Wife, me fished at Folly Beach Pier yesterday. One thing, that pier is very fishing fraindly.

Got there around 6:20 am in the morning, fished till around 10:00 am. Went back again around 5:00 pm and fished till 10:00 pm.

Water temperature in the surf is at boiling point.

In the morning I caught one 12 inch trout (not a keeper, had to let it go) on mud minnow. The older local gentleman next to me caught number of keeper trout and sheepsheads right from the surf. One guy caught a good size flounder.

We caught cooler full croaker, whiting, spot and few blues.

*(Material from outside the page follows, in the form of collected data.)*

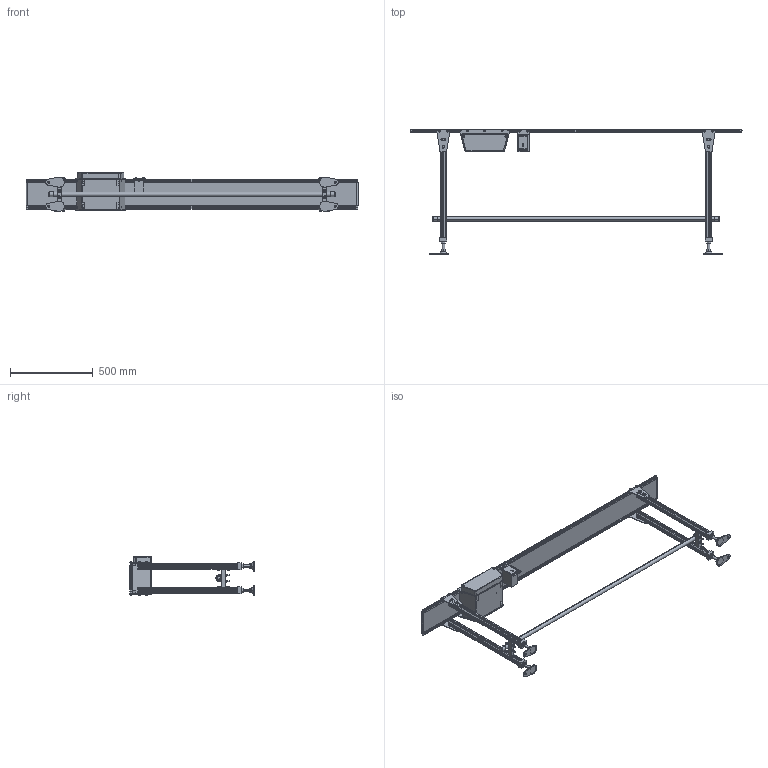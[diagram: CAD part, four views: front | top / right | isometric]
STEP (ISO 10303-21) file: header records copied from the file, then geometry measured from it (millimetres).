
FILE_DESCRIPTION( (''), '2;1');
FILE_NAME ('MMX0-304-150-200-K-180-O.stp','2025-02-17T11:58:15',(''),(''),'spGate 20.6.2 (****-****-****-****)','','');
FILE_SCHEMA (('AUTOMOTIVE_DESIGN'));
Length unit declared in the file: millimetre
Products named in the file (43): NewModel; MMX0-150-2000; TEMP_X_T-prt0; TEMP_X_T-prt1; TEMP_X_T-prt2; TEMP_X_T-prt3; TEMP_X_T-prt4; TEMP_X_T-prt5; TEMP_X_T-prt6; TEMP_X_T-prt7; TEMP_X_T-prt8; TEMP_X_T-prt9; TEMP_X_T-prt10; TEMP_X_T-prt11; TEMP_X_T-prt12; TEMP_X_T-prt13; TEMP_X_T-prt14; TEMP_X_T-prt15; TEMP_X_T-prt16; TEMP_X_T-prt17; TEMP_X_T-prt18; TEMP_X_T-prt19; TEMP_X_T-prt20; TEMP_X_T-prt21; TEMP_X_T-prt22; TEMP_X_T-prt23; TEMP_X_T-prt24; TEMP_X_T-prt25; TEMP_X_T-prt26; TEMP_X_T-prt27; TEMP_X_T-prt28; TEMP_X_T-prt29; TEMP_X_T-prt30; TEMP_X_T-prt31; TEMP_X_T-prt32; TEMP_X_T-prt33; TEMP_X_T-prt34; TEMP_X_T-prt35; TEMP_X_T-prt36; TEMP_X_T-prt37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
Assembly tree (42 placements, depth 3):
  NewModel
    MMX0-150-2000
      TEMP_X_T-prt0
      TEMP_X_T-prt1
      TEMP_X_T-prt2
      TEMP_X_T-prt3
      TEMP_X_T-prt4
      TEMP_X_T-prt5
      TEMP_X_T-prt6
      TEMP_X_T-prt7
      TEMP_X_T-prt8
      TEMP_X_T-prt9
      TEMP_X_T-prt10
      TEMP_X_T-prt11
      TEMP_X_T-prt12
      TEMP_X_T-prt13
      TEMP_X_T-prt14
      TEMP_X_T-prt15
      TEMP_X_T-prt16
      TEMP_X_T-prt17
      TEMP_X_T-prt18
      TEMP_X_T-prt19
      TEMP_X_T-prt20
      TEMP_X_T-prt21
      TEMP_X_T-prt22
      TEMP_X_T-prt23
      TEMP_X_T-prt24
      TEMP_X_T-prt25
      TEMP_X_T-prt26
      TEMP_X_T-prt27
      TEMP_X_T-prt28
      TEMP_X_T-prt29
      TEMP_X_T-prt30
      TEMP_X_T-prt31
      TEMP_X_T-prt32
      TEMP_X_T-prt33
      TEMP_X_T-prt34
      TEMP_X_T-prt35
      TEMP_X_T-prt36
      TEMP_X_T-prt37
      TEMP_X_T-prt38
      TEMP_X_T-prt39
      TEMP_X_T-prt40
Bounding box: 2002.4 x 752.2 x 234 mm (x, y, z)
Volume: 8355768.7 mm3; surface area: 3475374 mm2
Topology: 41 solids, 41 shells, 1919 faces, 4815 edges, 3043 vertices
Faces by surface type: plane 1289, cylinder 427, bspline 203
Entity records: 98071 total; most frequent: CARTESIAN_POINT 13106, ORIENTED_EDGE 9574, DIRECTION 9039, COLOUR_RGB 6747, PRESENTATION_STYLE_ASSIGNMENT 6747, STYLED_ITEM 6747, EDGE_CURVE 4787, DRAUGHTING_PRE_DEFINED_CURVE_FONT 4787

One thing for sure, saltwater fishing is totally different ballgame from fresh water fishing. I used to thing, buy cut mullet and throw in water to catch red, my experience said its not that easy. Crab will nicely eat you cut bait and leaves the bone. Crab will eat anything I throw up there. When some chopper fish cutting my live bait and just leaving the head dangling on the hook, I started hooking them at the back then found out my bait fish and hook both gone.

Quick question to you guys, will using heavier line save my live bait from the toothe choppers?.

Thanks


----------



## Danman (Dec 13, 2007)

Nice fish pictures


----------



## MadDawgJ (Apr 16, 2016)

When the small toothies (like blues) are around I usually use hooks snelled with nylawire. It's just a thin nylon coated cable but it's pretty bite resistant and the sharks don't even mind it.


----------



## Khondker (Aug 17, 2012)

MadDawgJ said:


> When the small toothies (like blues) are around I usually use hooks snelled with nylawire. It's just a thin nylon coated cable but it's pretty bite resistant and the sharks don't even mind it.


Thanks a lot, I will be start looking online, hopefully will found some snelled with circle hook.


----------